Records drawn from a dataset:
------------------------------------------------

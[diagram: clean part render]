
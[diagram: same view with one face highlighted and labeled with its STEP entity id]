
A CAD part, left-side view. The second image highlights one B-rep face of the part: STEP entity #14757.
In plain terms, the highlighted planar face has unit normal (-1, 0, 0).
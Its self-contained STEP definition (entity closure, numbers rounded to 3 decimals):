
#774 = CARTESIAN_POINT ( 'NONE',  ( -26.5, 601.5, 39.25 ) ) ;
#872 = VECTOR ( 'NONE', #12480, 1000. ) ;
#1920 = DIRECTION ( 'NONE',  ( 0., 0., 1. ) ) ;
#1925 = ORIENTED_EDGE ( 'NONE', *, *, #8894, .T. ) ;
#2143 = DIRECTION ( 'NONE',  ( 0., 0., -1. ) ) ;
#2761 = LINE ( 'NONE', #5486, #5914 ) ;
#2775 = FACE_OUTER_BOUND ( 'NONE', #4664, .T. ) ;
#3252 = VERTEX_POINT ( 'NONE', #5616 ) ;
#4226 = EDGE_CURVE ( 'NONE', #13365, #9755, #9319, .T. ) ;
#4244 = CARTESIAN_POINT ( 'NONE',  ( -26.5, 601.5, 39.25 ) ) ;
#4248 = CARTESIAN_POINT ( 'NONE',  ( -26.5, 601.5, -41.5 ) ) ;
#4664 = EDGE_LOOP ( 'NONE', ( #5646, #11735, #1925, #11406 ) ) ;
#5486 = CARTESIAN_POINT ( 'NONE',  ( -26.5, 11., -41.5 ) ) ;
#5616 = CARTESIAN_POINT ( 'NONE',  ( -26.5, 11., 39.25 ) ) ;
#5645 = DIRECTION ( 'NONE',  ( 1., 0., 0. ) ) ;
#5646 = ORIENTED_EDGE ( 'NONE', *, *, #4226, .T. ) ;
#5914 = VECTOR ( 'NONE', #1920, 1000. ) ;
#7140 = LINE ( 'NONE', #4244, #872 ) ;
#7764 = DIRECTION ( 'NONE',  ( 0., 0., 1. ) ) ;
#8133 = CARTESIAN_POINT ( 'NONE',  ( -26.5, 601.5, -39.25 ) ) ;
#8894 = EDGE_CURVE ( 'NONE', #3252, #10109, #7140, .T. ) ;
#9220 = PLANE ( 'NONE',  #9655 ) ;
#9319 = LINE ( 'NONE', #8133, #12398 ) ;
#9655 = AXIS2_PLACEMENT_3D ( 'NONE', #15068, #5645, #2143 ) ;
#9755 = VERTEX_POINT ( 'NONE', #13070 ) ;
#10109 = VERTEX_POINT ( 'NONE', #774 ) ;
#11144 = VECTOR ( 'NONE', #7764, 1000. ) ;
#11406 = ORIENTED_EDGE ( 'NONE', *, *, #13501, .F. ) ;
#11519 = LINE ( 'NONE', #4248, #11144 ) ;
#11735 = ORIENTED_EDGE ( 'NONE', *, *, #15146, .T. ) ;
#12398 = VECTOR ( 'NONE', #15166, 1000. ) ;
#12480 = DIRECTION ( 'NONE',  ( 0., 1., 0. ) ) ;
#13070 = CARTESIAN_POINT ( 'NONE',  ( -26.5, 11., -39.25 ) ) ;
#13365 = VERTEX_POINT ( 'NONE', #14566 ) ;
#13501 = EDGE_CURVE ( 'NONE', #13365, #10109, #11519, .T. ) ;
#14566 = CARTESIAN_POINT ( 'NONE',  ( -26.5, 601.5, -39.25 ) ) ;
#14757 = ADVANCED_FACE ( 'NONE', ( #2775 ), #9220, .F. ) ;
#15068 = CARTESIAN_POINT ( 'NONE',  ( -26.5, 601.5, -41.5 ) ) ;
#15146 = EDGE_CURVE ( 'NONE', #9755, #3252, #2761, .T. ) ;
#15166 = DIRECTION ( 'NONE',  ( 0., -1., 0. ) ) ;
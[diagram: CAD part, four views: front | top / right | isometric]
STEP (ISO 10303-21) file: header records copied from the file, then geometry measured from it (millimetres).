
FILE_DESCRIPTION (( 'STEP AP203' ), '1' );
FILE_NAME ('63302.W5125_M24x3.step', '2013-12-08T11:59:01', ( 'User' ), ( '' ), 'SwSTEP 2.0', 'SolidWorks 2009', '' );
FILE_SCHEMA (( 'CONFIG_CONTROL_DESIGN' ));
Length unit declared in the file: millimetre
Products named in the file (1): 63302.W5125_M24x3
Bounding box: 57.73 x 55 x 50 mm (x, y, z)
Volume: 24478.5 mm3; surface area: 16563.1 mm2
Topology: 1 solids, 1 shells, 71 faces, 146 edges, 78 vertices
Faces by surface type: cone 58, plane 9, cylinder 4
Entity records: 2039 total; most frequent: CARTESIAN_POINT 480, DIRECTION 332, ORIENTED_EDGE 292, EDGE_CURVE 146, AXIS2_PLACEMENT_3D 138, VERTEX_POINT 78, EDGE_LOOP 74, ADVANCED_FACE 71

------------------------------------------------

Activity:
Starting at the first line of the records, print each line exactly, stopping after the line that contains "#12398 = VECTOR ( 'NONE', #15166, 1000. ) ;".

Problem solution:
[diagram: clean part render]
[diagram: same view with one face highlighted and labeled with its STEP entity id]
A CAD part, left-side view. The second image highlights one B-rep face of the part: STEP entity #14757.
In plain terms, the highlighted planar face has unit normal (-1, 0, 0).
Its self-contained STEP definition (entity closure, numbers rounded to 3 decimals):
#774 = CARTESIAN_POINT ( 'NONE',  ( -26.5, 601.5, 39.25 ) ) ;
#872 = VECTOR ( 'NONE', #12480, 1000. ) ;
#1920 = DIRECTION ( 'NONE',  ( 0., 0., 1. ) ) ;
#1925 = ORIENTED_EDGE ( 'NONE', *, *, #8894, .T. ) ;
#2143 = DIRECTION ( 'NONE',  ( 0., 0., -1. ) ) ;
#2761 = LINE ( 'NONE', #5486, #5914 ) ;
#2775 = FACE_OUTER_BOUND ( 'NONE', #4664, .T. ) ;
#3252 = VERTEX_POINT ( 'NONE', #5616 ) ;
#4226 = EDGE_CURVE ( 'NONE', #13365, #9755, #9319, .T. ) ;
#4244 = CARTESIAN_POINT ( 'NONE',  ( -26.5, 601.5, 39.25 ) ) ;
#4248 = CARTESIAN_POINT ( 'NONE',  ( -26.5, 601.5, -41.5 ) ) ;
#4664 = EDGE_LOOP ( 'NONE', ( #5646, #11735, #1925, #11406 ) ) ;
#5486 = CARTESIAN_POINT ( 'NONE',  ( -26.5, 11., -41.5 ) ) ;
#5616 = CARTESIAN_POINT ( 'NONE',  ( -26.5, 11., 39.25 ) ) ;
#5645 = DIRECTION ( 'NONE',  ( 1., 0., 0. ) ) ;
#5646 = ORIENTED_EDGE ( 'NONE', *, *, #4226, .T. ) ;
#5914 = VECTOR ( 'NONE', #1920, 1000. ) ;
#7140 = LINE ( 'NONE', #4244, #872 ) ;
#7764 = DIRECTION ( 'NONE',  ( 0., 0., 1. ) ) ;
#8133 = CARTESIAN_POINT ( 'NONE',  ( -26.5, 601.5, -39.25 ) ) ;
#8894 = EDGE_CURVE ( 'NONE', #3252, #10109, #7140, .T. ) ;
#9220 = PLANE ( 'NONE',  #9655 ) ;
#9319 = LINE ( 'NONE', #8133, #12398 ) ;
#9655 = AXIS2_PLACEMENT_3D ( 'NONE', #15068, #5645, #2143 ) ;
#9755 = VERTEX_POINT ( 'NONE', #13070 ) ;
#10109 = VERTEX_POINT ( 'NONE', #774 ) ;
#11144 = VECTOR ( 'NONE', #7764, 1000. ) ;
#11406 = ORIENTED_EDGE ( 'NONE', *, *, #13501, .F. ) ;
#11519 = LINE ( 'NONE', #4248, #11144 ) ;
#11735 = ORIENTED_EDGE ( 'NONE', *, *, #15146, .T. ) ;
#12398 = VECTOR ( 'NONE', #15166, 1000. ) ;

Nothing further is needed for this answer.